Concretely for M-B: the OUTPUT QBUF carries the timeval, kernel converts it to u64 ns and stamps it on the resulting CAPTURE buffer via `V4L2_BUF_FLAG_TIMESTAMP_COPY`. DPB.reference_ts is computed in userspace from the same timeval by the same formula. Unless the kernel loses precision anywhere in that path, M-B is also implausible. **M-A** (overflow / signed comparison in `vb2_find_buffer_by_timestamp` for large u64) remains the only mechanism consistent with all evidence, including the VP9/MPEG-2 anomaly if those test clips happen to be all-keyframes.

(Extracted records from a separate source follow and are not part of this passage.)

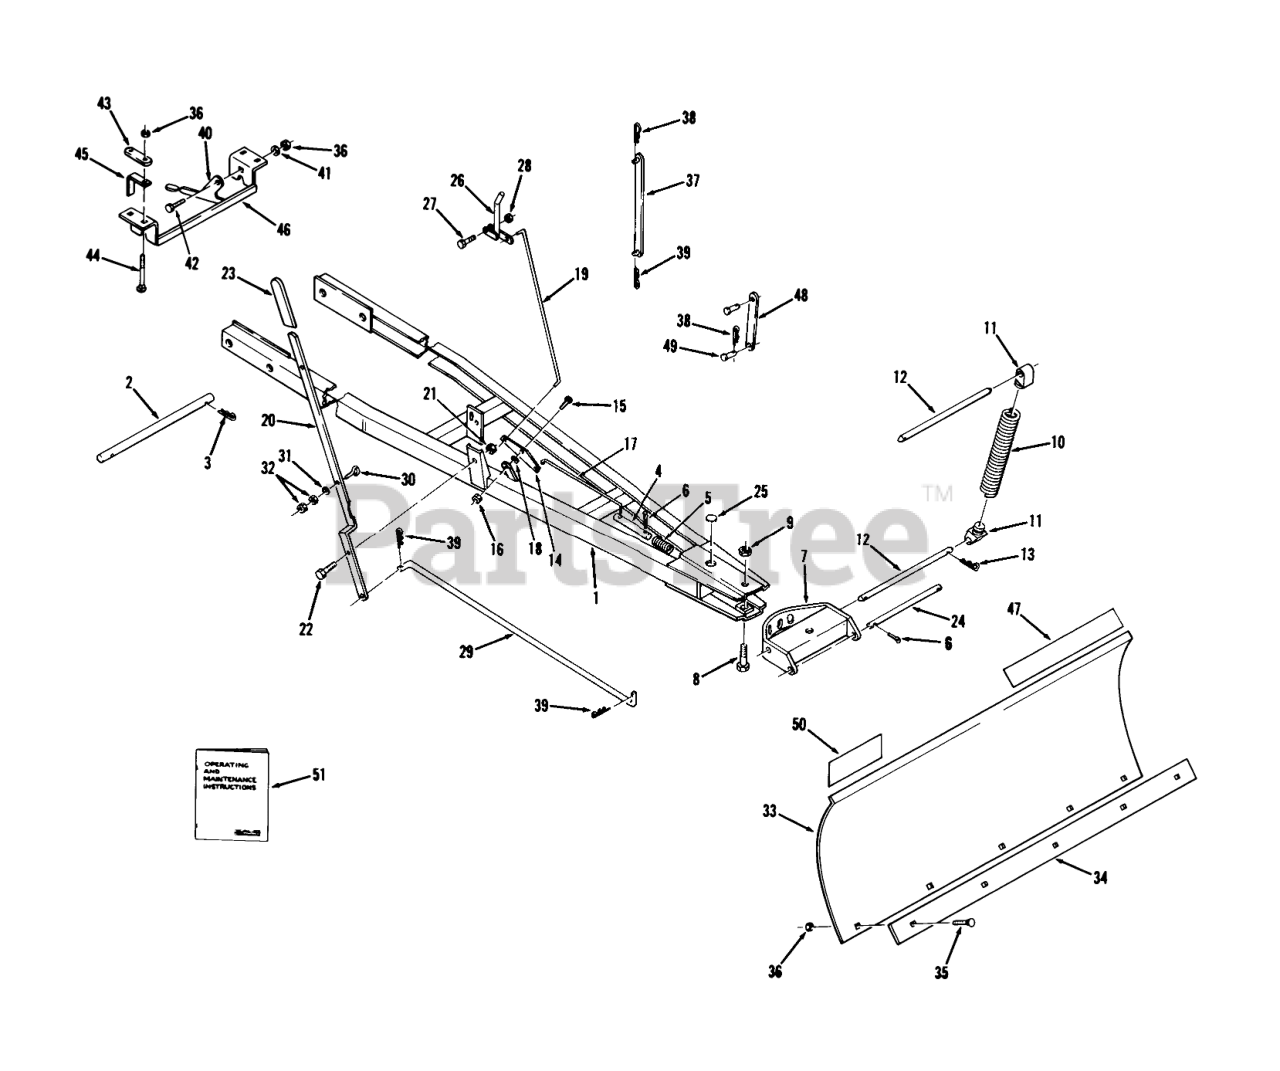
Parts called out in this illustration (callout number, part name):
3	Hairpin
5	SPRING-COMPRESSION
12	ROD-PIVOT, BLADE
13	Hairpin
17	LOWER INDEX ROD
23	GRIP
24	ROD-LOWER
25	PLUG
33	ORD 109593 & 109596
38	Hairpin Cotter
39	Hairpin
40	PLATE-LATCHING
43	BRACKET-REAR LINK MOUNTING
45	SPACER-BRACKET
48	LINK-LIFT
51	Operating and Maintenance Instructions
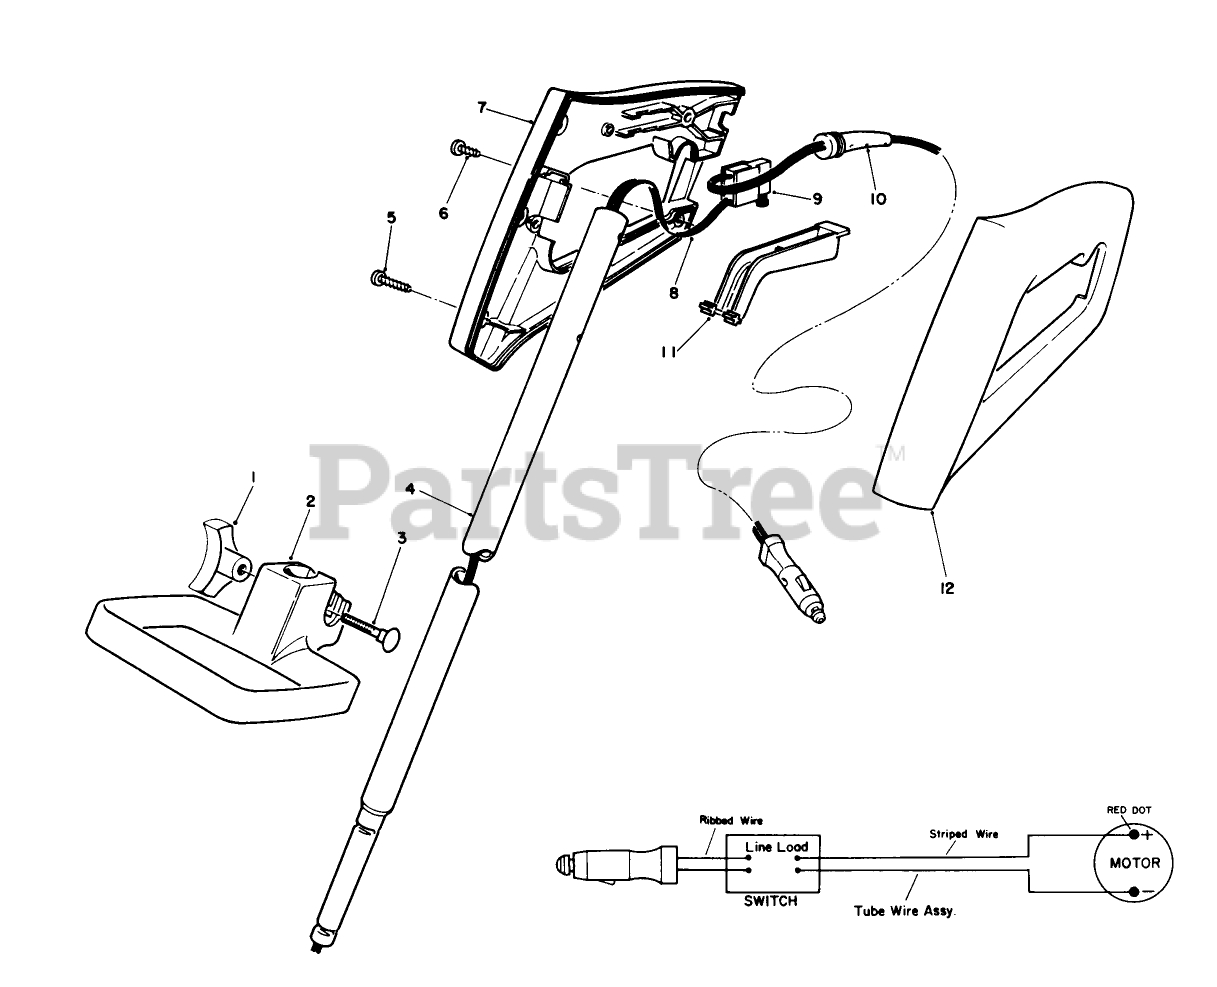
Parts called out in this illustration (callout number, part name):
1	HANDLE KNOB
2	Handle-Adjust
3	BOLT-CARR
4	TUBE-SINGLE
5	Screw
6	SCREW-PPH
7	HANDLE GRIP, RH
8	WIRE ASSEMBLY-TUBE
9	SWITCH
11	TRIMMER-SWITCH BAR
12	HANDLE GRIP, LH

The plan does not clearly commit to M-A as the mechanism. It should, because that is the mechanism α-7 is actually testing.
---
## IMP
### IMP-1 — `request_data` vs per-context scope: counter must be per-context, not global
The plan puts `timestamp_counter` in `request_data` (driver-global). If two contexts decode concurrently (unlikely for the campaign, common in real applications), they share the counter and timestamps collide within a single context's DPB. The counter should live in `object_context` and be initialised in `CreateContext`. For the 3-frame campaign test this is irrelevant, but the plan claims 18,500-year production safety while leaving a multi-context collision.

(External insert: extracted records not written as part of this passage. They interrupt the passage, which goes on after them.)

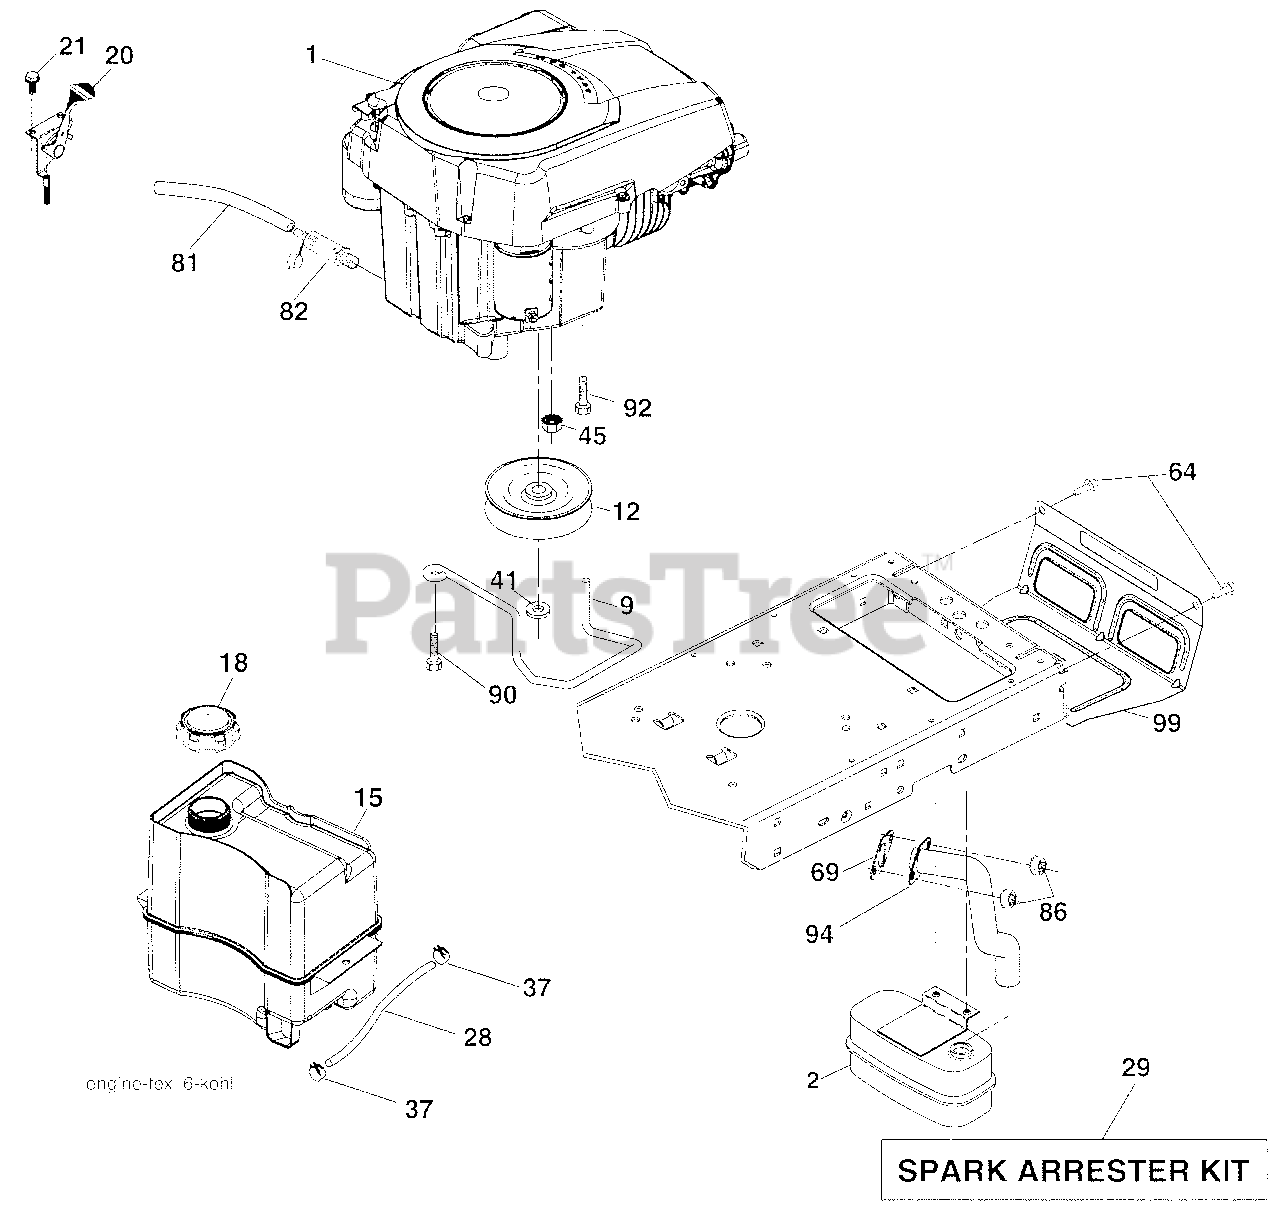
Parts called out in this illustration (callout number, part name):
9	Keeper Belt Engine
12	Pulley Engine
15	Tank Fuel 4.0
18	Cap Asm
20	Control Throttle
21	Screw 10 x 3/4 Single Lead-Hex
28	Fuel Line
29	Spark Arrester Kit
37	Clamp Hose
42	Washer Lock 7/16
43	Bolt Hex 7/16-20 x 4 Gr. 5
45	Nut Keps Hex 1/4-20 unc
64	Screw Hexwsh Thdrol 3/8-16 x 3/4
69	Gasket
81	Tube Drain Oil Easy
82	Plug Drain Oil
83	Bolt 5/16-18 unc x 3/4 w/Sems
92	Screw 3/8-16 x 1
94	Tube Exhaust
99	Shield Browning/Debris
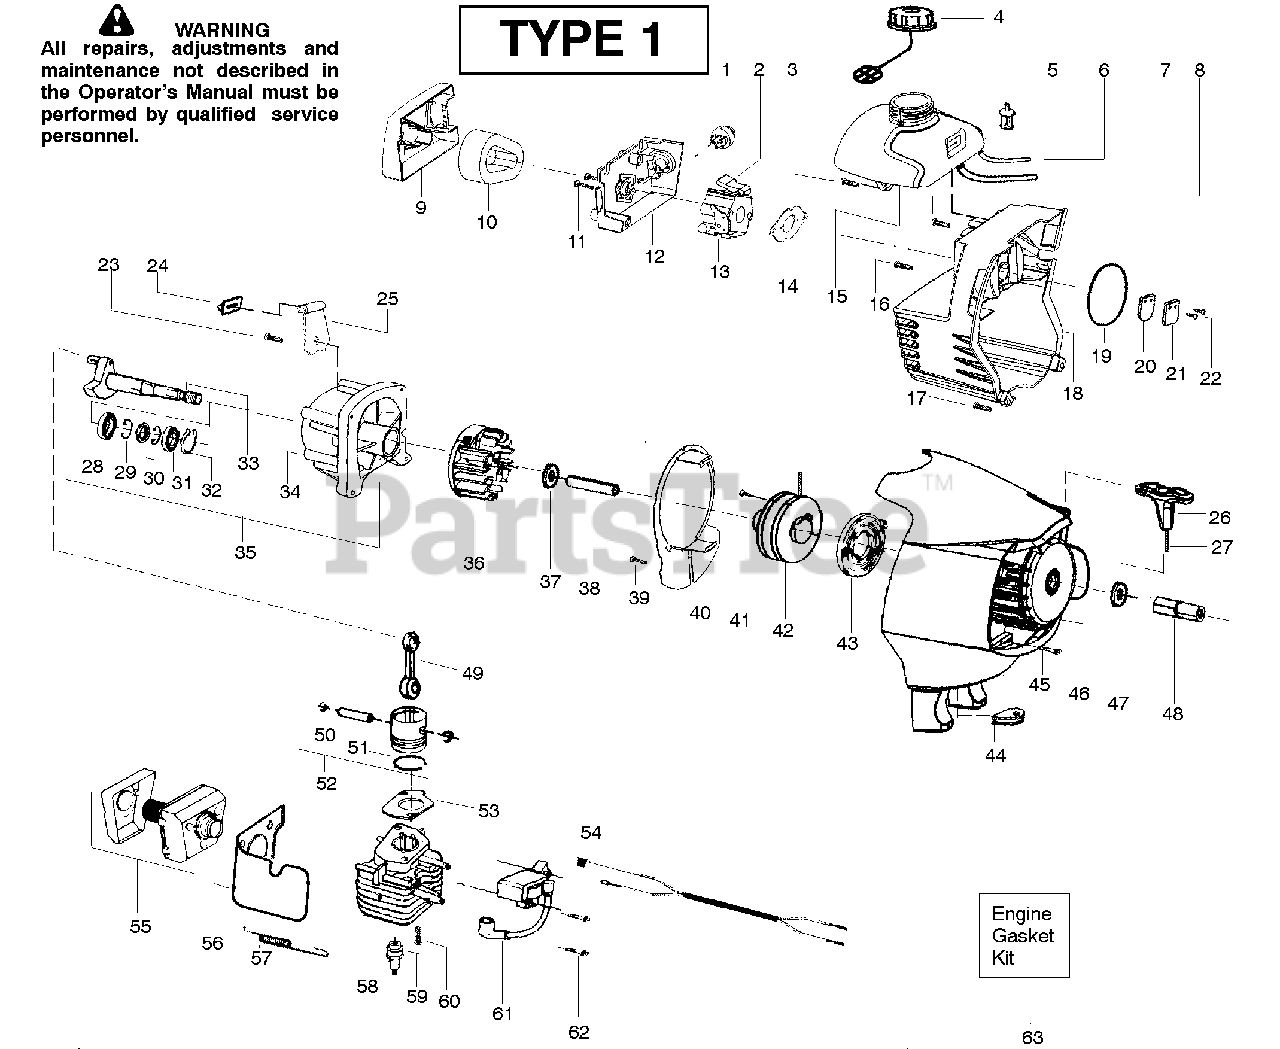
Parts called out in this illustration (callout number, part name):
2	Kit-Choke Lever
4	Cap-Fuel w/ret.
5	Assy-Fuel pickup
6	Kit-Fuel line
7	Kit-Fuel/Purge line
9	Cover-Air box
13	Assy-Carb(WT628)
14	Gasket-Carb.(kit)
15	Assy-Fuel Tank
16	Screw-Crankcase
19	O-ring-Shroud (kit)
22	Screw-Reed stop
23	Screw-Retainer
24	Isolator-Tank
26	Handle-Starter
27	Kit-Rope
28	Bearing-Inner
31	Bearing-Outer
32	Ret.-Crankshaft
33	Assy-Crankshaft
34	Assy-Crankcase
35	Assy-C'case/C'shaft
36	Kit-Flywheel Assy.
40	Plate-Baffle
42	Kit-Pulley
43	Spring-Starter
45	Screw-F/hsg.
46	Assy.-Fan Housing
48	Coupling-Drive
49	Assy-Conn. Rod
50	Ret.-Piston pin
52	Kit-Piston
53	Gasket-Cylinder(kit)
54	Assy-Leadwire
57	Spring-Muffler
59	Plug-Spark(RCJ-6Y)
60	Bolt-Cyl. 1/4-20"
61	Module-Ignition
63	Kit-Gasket

### IMP-2 — VP9 test clip inter-frame status must be verified before claiming regression safety
Run `ffprobe -show_frames vp9_clip.ivf | grep pict_type` (or the equivalent) to confirm whether the VP9 regression clip exercises P-frames at the rkvdec libva path. If it does and still PASSes, that is definitive evidence against magnitude being the root cause, and α-7 should be downgraded to "worth trying, but expected to fail".
---
## MIN
### MIN-1 — Strace QUERYBUF cross-check as a cheaper pre-build diagnostic
Before rebuilding, a 2-line strace filter on an existing run can confirm whether the CAPTURE buffer's stored timestamp (after `V4L2_BUF_FLAG_TIMESTAMP_COPY`) matches the OUTPUT QBUF timestamp at the kernel level. If it does not match, M-B is real and α-7 fixes nothing. This can save a build cycle.

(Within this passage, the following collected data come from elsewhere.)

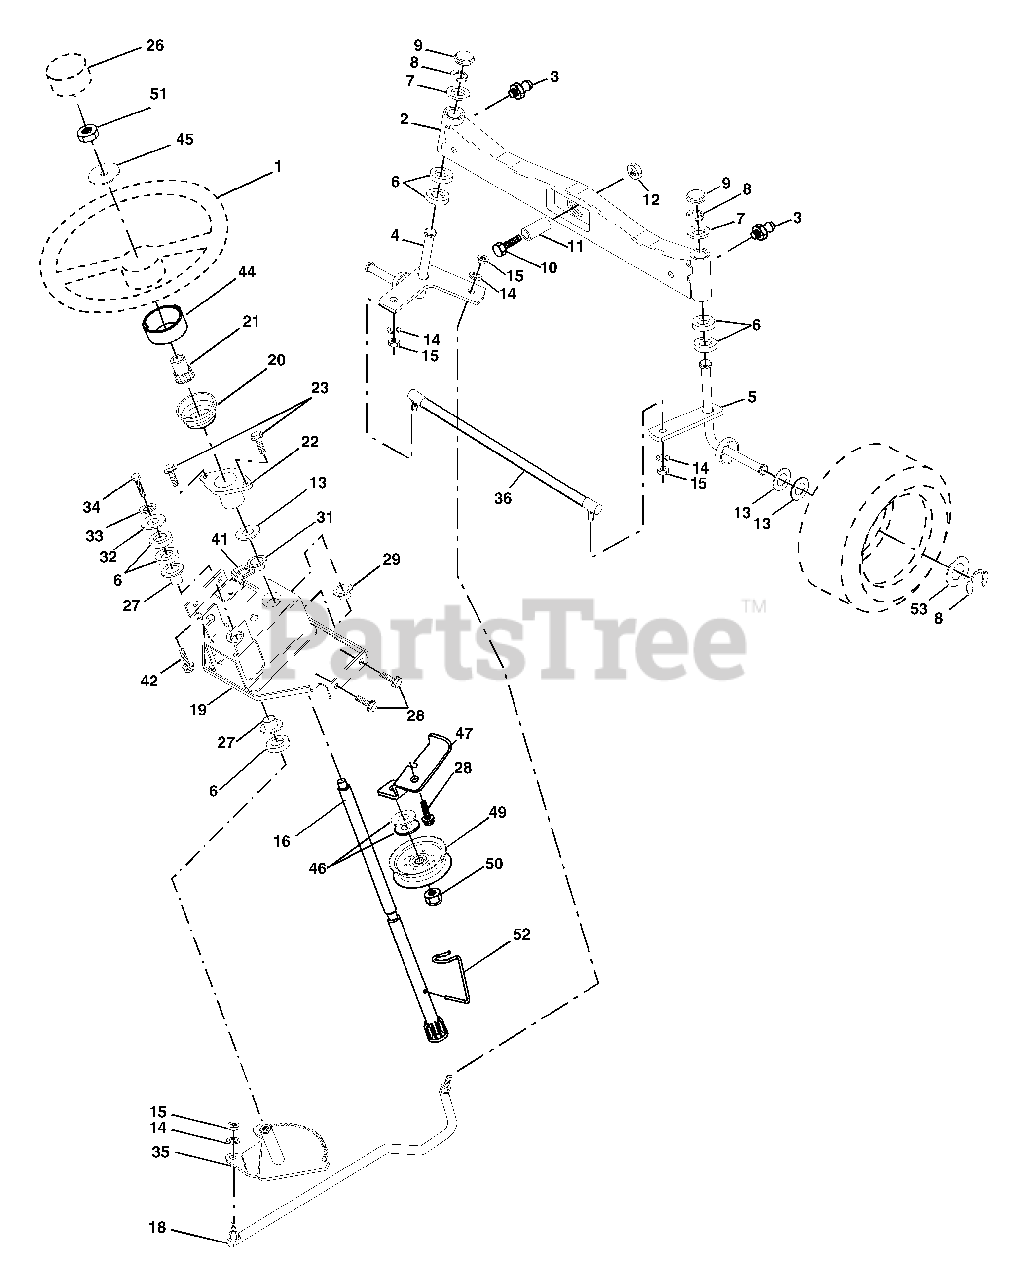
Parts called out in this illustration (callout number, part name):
1	Wheel, Steering
2	Axle Asm., Front
3	Fitting, Grease
4	Spindle Asm, LH
5	Spindle Asm., RH
6	Bearing, Race Thrust Harden
7	Washer 25/32 x 1-5/8 x 16 Ga.
8	Ring, Klip #T5304-75
9	Cap, Spindle
10	Bolt, Fin Hex 5/8-11 x 2-3/4
11	Spacer Brg Axle Front 1.570
12	Nut, Lock Flange 5/8-11 unc
13	Washer 25/32 x 1-1/4 x 16 Ga.
14	Washer, Lock Hvy Hlcl Spr 3/8
15	Nut Crownlock 3/8-24
16	Shaft Asm., Steering
18	Draglink, Ball Joint Solid Vgt
19	Support Asm., Steering Vgt
20	Boot Steering
21	Adapter, Wheel Steering
22	Bushing, Strg.
26	Cap , Wheel Steering
27	Bearing, Col. Strg.
28	Screw 3/8-16 x 3/4
29	Bearing, Flange
31	Bushing, Nyliner Snap
32	Washer 11/32 x 1 x 10 Ga.
33	Washer, Lock Hvy Hlcl Spr 5/16
34	Bolt, Hex Hd 5/16-18 x 3/4
35	Gear, Sector Steering
41	Bracket Switch Inerlock VGT97
42	Screw 5/16-18 x 1/2
44	Extension Steering Premium
45	Washer 9/16 ID x 1 1/2 OD 11 Ga. Zin
46	Washer 13/32 x 1 x 10 Ga.
47	Bracket Asm. Idler
49	Pulley Idler Flat
50	Nut Lock Flg 3/8-16 unc
51	Nut Hex Jam Toplock 1/2-20 unf
52	Clip Steering .750
53	Washer Harden .793 x 1.63 x 060

### MIN-2 — `tv_sec = counter / 1e6`, `tv_usec = counter % 1e6` is fine but add a comment
The wrap-safe form in the plan is correct. Add a one-line comment that `tv_usec < 1,000,000` is maintained by construction, to document why the modulus is 1e6 and not USEC_PER_SEC (they are equal, but the intent is not obvious).
---
## Summary
**One plan-level blocker (CRIT-1):** the VP9/MPEG-2 working-today evidence contradicts the hypothesis. Resolve by auditing whether those codecs' PASS clips use inter-frame decode under libva, before committing Phase 6 resources. If they do use inter-frame decode and still PASS, α-7 is a low-probability fix — document that and proceed anyway (it's only 10 LOC), but Phase 7 PARTIAL is the expected outcome and iter10 should pivot to kernel-side investigation (M-A: overflow in `vb2_find_buffer_by_timestamp`). If the clips are all-keyframes, CRIT-1 dissolves.
**CRIT-2** is an analytical sharpening, not a plan-killer: M-C is ruled out; M-A is the live mechanism; the plan should say so explicitly.